Now freed, Schmidt and Liz opt to return to Earth. Octavia volunteers to return the Earthlings and takes the opportunity to retrieve Adam and Shem. On the return trip, the Nemesis is attacked by a mysterious vessel that Octavia recognizes as belonging to the Medusans’s age old natural predator, a reptilian life form that frequently troubled them in the distant past. The reptiles cripple the Nemesis, leaving it vulnerable to attack. The enemy prepares for an easy kill.

Out of nowhere, another Medusan vessel emerges and engages the enemy craft. Octavia is stunned to learn it is Fulvia who convinced Adam and Shem to return to Medusa. Realizing that Earth life is not for them, the two male Medusans are hoping to inspire social change on their own world and have decided to return peacefully. During the battle, the reptiles deliver a series of crippling blows to the second Medusan vessel. In the confusion, Adam takes over the controls and retaliates, destroying the enemy. Octavia thanks Fulvia for saving them only to learn that Adam, a man, has saved her. Reluctantly she voices her gratitude, albeit much against her principles.

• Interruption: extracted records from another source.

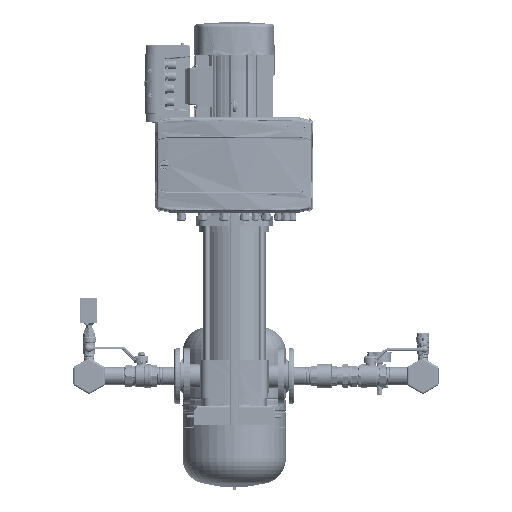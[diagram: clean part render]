
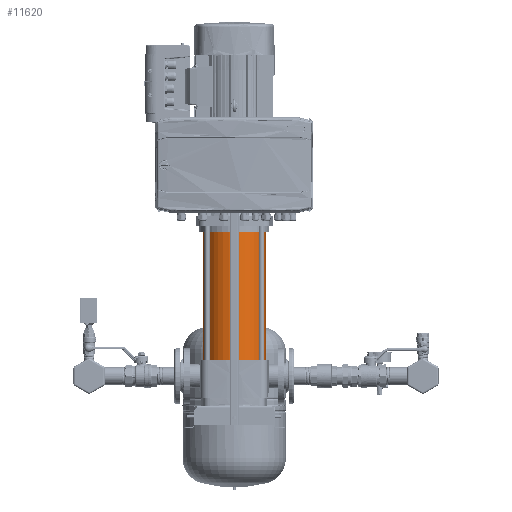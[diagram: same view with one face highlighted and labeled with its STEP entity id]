
A CAD part, left-side view. The second image highlights one B-rep face of the part: STEP entity #11620.
In plain terms, the highlighted cylindrical face has radius 85.35 mm (diameter 170.7 mm), a partial arc.
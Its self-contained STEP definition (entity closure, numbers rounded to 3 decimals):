
#11550=CARTESIAN_POINT('Axis2P3D Location',(374.,0.,0.)) ;
#11554=CARTESIAN_POINT('Vertex',(374.,-85.35,0.)) ;
#11556=CARTESIAN_POINT('Vertex',(374.,85.35,0.)) ;
#11577=CARTESIAN_POINT('Axis2P3D Location',(0.,0.,0.)) ;
#11582=CARTESIAN_POINT('Line Origine',(0.,-85.35,0.)) ;
#11586=CARTESIAN_POINT('Vertex',(0.,-85.35,0.)) ;
#11593=CARTESIAN_POINT('Vertex',(0.,85.35,0.)) ;
#11596=CARTESIAN_POINT('Line Origine',(0.,85.35,0.)) ;
#11609=CARTESIAN_POINT('Axis2P3D Location',(0.,0.,0.)) ;
#11584=VECTOR('Line Direction',#11583,1.) ;
#11598=VECTOR('Line Direction',#11597,1.) ;
#11551=DIRECTION('Axis2P3D Direction',(-1.,0.,0.)) ;
#11578=DIRECTION('Axis2P3D Direction',(1.,0.,0.)) ;
#11579=DIRECTION('Axis2P3D XDirection',(0.,-1.,0.)) ;
#11583=DIRECTION('Vector Direction',(1.,0.,0.)) ;
#11597=DIRECTION('Vector Direction',(1.,0.,0.)) ;
#11610=DIRECTION('Axis2P3D Direction',(1.,0.,0.)) ;
#11552=AXIS2_PLACEMENT_3D('Circle Axis2P3D',#11550,#11551,$) ;
#11580=AXIS2_PLACEMENT_3D('Cylinder Axis2P3D',#11577,#11578,#11579) ;
#11611=AXIS2_PLACEMENT_3D('Circle Axis2P3D',#11609,#11610,$) ;
#11585=LINE('Line',#11582,#11584) ;
#11599=LINE('Line',#11596,#11598) ;
#11553=CIRCLE('generated circle',#11552,85.35) ;
#11612=CIRCLE('generated circle',#11611,85.35) ;
#11581=CYLINDRICAL_SURFACE('generated cylinder',#11580,85.35) ;
#11558=EDGE_CURVE('',#11555,#11557,#11553,.T.) ;
#11588=EDGE_CURVE('',#11555,#11587,#11585,.F.) ;
#11600=EDGE_CURVE('',#11594,#11557,#11599,.T.) ;
#11613=EDGE_CURVE('',#11587,#11594,#11612,.F.) ;
#11615=ORIENTED_EDGE('',*,*,#11600,.F.) ;
#11616=ORIENTED_EDGE('',*,*,#11613,.F.) ;
#11617=ORIENTED_EDGE('',*,*,#11588,.F.) ;
#11618=ORIENTED_EDGE('',*,*,#11558,.T.) ;
#11614=EDGE_LOOP('',(#11615,#11616,#11617,#11618)) ;
#11555=VERTEX_POINT('',#11554) ;
#11557=VERTEX_POINT('',#11556) ;
#11587=VERTEX_POINT('',#11586) ;
#11594=VERTEX_POINT('',#11593) ;
#11620=ADVANCED_FACE('Solid1',(#11619),#11581,.T.) ;
#11619=FACE_OUTER_BOUND('',#11614,.T.) ;

The reptilian race has been searching for the lost planet, Medusa. Although they haven’t yet located the planet itself, the contact with the Nemesis proved that Medusa was in the area. These monsters plan to attack Medusa and annihilate everyone there. Faced with Adam’s example that shows that men can indeed be taught to fight, the Medusans put aside their cultural differences and prepare to meet the reptiles should they locate the wandering planet.

Star Maiden’s feminist message was largely undercut by its presentation. To try to gain a regular network slot, the show featured attractive women in revealing costumes and their at least better-than-average docile man-servants. Medusa was shown as a planet without children or old people. In the episode, “Test for Love”, Liz is attached to a machine known as the sexometer, which works on a extension of the mind. On a nearby large video screen we see a muscle-bound, macho, blond German guy. Such incidents were commonplace throughout the series and conveyed the unintentional message that if women ever did get to control things, they would create a world controlled by sex—which might not have been a bad thing.

The Season One ending indicated that the production team planned to make another season. Had the story continued, Star Maidens would likely have wandered away from its original premise of forcing the viewer to consider the implications of issues like sexual discrimination, role reversal, and environmentalism. By the end of the very short first season, viewers were already finding the core messages of Star Maidens a bit tiresome. To be fair, the writers did an outstanding job creatively bringing the concepts to life, but the message was delivered a bit too strongly and didn’t vary much. Viewers fully understood the feminist premise of the show after the first episode. After that, the concepts came across as a bit preachy to a base of viewers that wasn’t fond of the real meaning behind Star Maidens in the first place.

Star Maiden’s impact was also reduced by its extremely low budget. Shot on low-quality 16mm film, the picture was too grainy for many viewers. Many ITA regions didn’t bother to show the series at all. Combined with the fact that the series couldn’t gain a regular network timeslot, with new episodes released haphazardly, it’s clear why this show didn’t take off. The few financial backers withdrew their support after filming of the first 13 episodes were completed. The owners made several attempts to get the show syndicated but the effort proved fruitless.

Star Maidens did manage to produce some jigsaw puzzles, a couple of coloring and sticker-fun books, an annual and a paperback written by Ian Watson from Corgi which contained adaptations of most of the key episodes.

Despite its flaws, Star Maidens should be credited for taking a revolutionary approach to space opera. Politically motivated from the onset, the series did provide some good science fiction moments that make it worthy or viewing–if you can find a copy of this extremely rare series on VHS or DVD.